More non-RMS vs. RMS meter movement errors.

Thread Starter

The Electrician

Joined Oct 9, 2007
2,971

Thread Starter

The Electrician

Joined Oct 9, 2007
2,971
In an earlier post, I pointed out some errors in the eBook:

On this page:

http://www.allaboutcircuits.com/vol_2/chpt_1/3.html#at

it is said that "...the degree of needle deflection in an analog meter movement is proportional to the average value of the waveform, not the RMS."

This is not true generally. It is true for the d'Arsonval type movement, but there are other analog movements which respond to the RMS value.

For example, see:

http://www.answerbag.com/q_view/688559

http://www.eltime.co.uk/product.php/1/Moving Iron Meters.html
I only just now went back and re-checked this page (because someone on another forum referenced it, thus spreading disinformation), and noticed that all the RMS vs. non-RMS errors didn't get corrected.

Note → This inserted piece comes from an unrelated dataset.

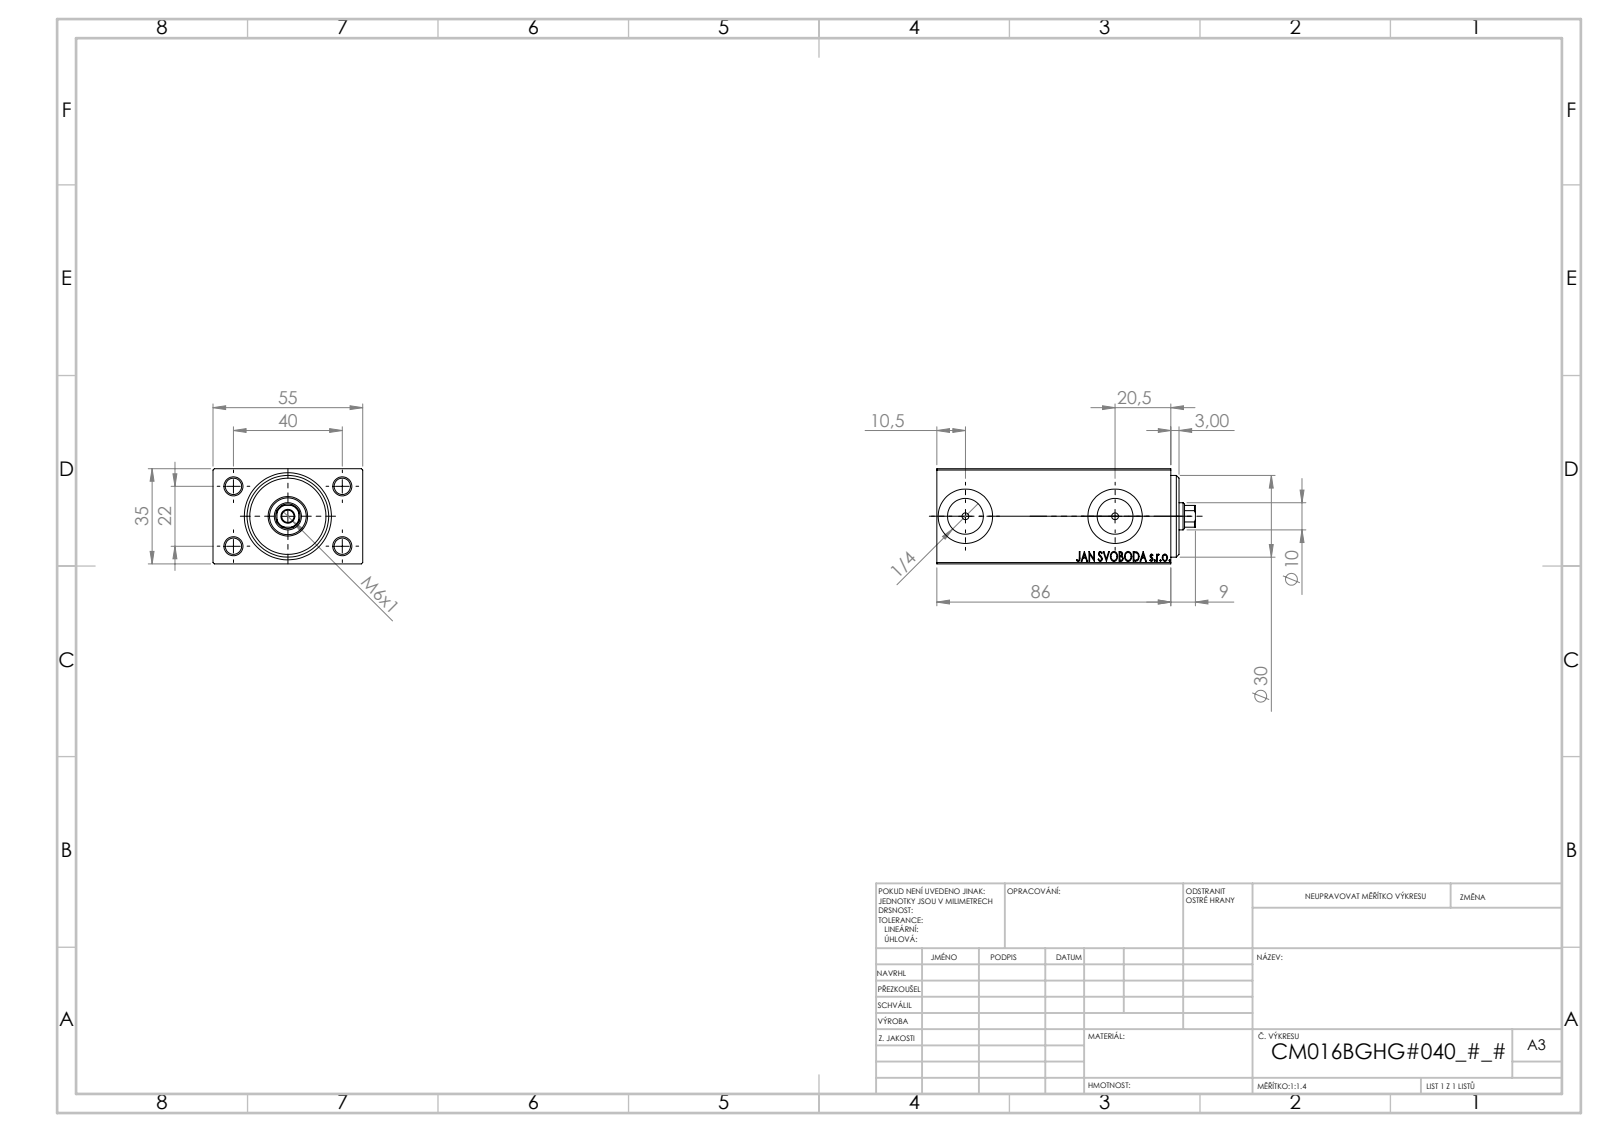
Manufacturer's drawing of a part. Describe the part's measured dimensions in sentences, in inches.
The part is named "V450CM_VC_B; V450CM_B_VCP; V450CM_B_Body". Its 3-D file was written by "SolidWorks 2019 (CONFIG_CONTROL_DESIGN)". It is 3 solids with 881 faces: 401 planar, 54 cylindrical and 426 other. Overall it measures 3.74 by 2.165 by 1.378 inches. Its volume is 9.559 cubic inches and its surface area 50.91 square inches. Round holes: 4 of diameter 0.236, 2 of diameter 0.098, 2 of diameter 0.518, 2 of diameter 0.787, 1 of diameter 0.177, 1 of diameter 0.394, 1 of diameter 0.531, 1 of diameter 0.571, 1 of diameter 0.63, 1 of diameter 0.709, 1 of diameter 1.181. Partial cylindrical surfaces (rounded edges, fillets, slot ends): 1 of radius 0.177. The main face-to-face distances are 1.378, 2.165, 0.197, 3.189, 3.386, 0.315, 0.118, 3.504, 3.307, 2.992. The hole center spacings are 0.899, 0.866, 1.575, 1.797, 2.165.

In this paragraph on the page:

"Peak and peak-to-peak measurements are best performed with an oscilloscope, which can capture the crests of the waveform with a high degree of accuracy due to the fast action of the cathode-ray-tube in response to changes in voltage. For RMS measurements, analog meter movements (D'Arsonval, Weston, iron vane, electrodynamometer) will work so long as they have been calibrated in RMS figures. Because the mechanical inertia and dampening effects of an electromechanical meter movement makes the deflection of the needle naturally proportional to the average value of the AC, not the true RMS value, analog meters must be specifically calibrated (or mis-calibrated, depending on how you look at it) to indicate voltage or current in RMS units. The accuracy of this calibration depends on an assumed waveshape, usually a sine wave."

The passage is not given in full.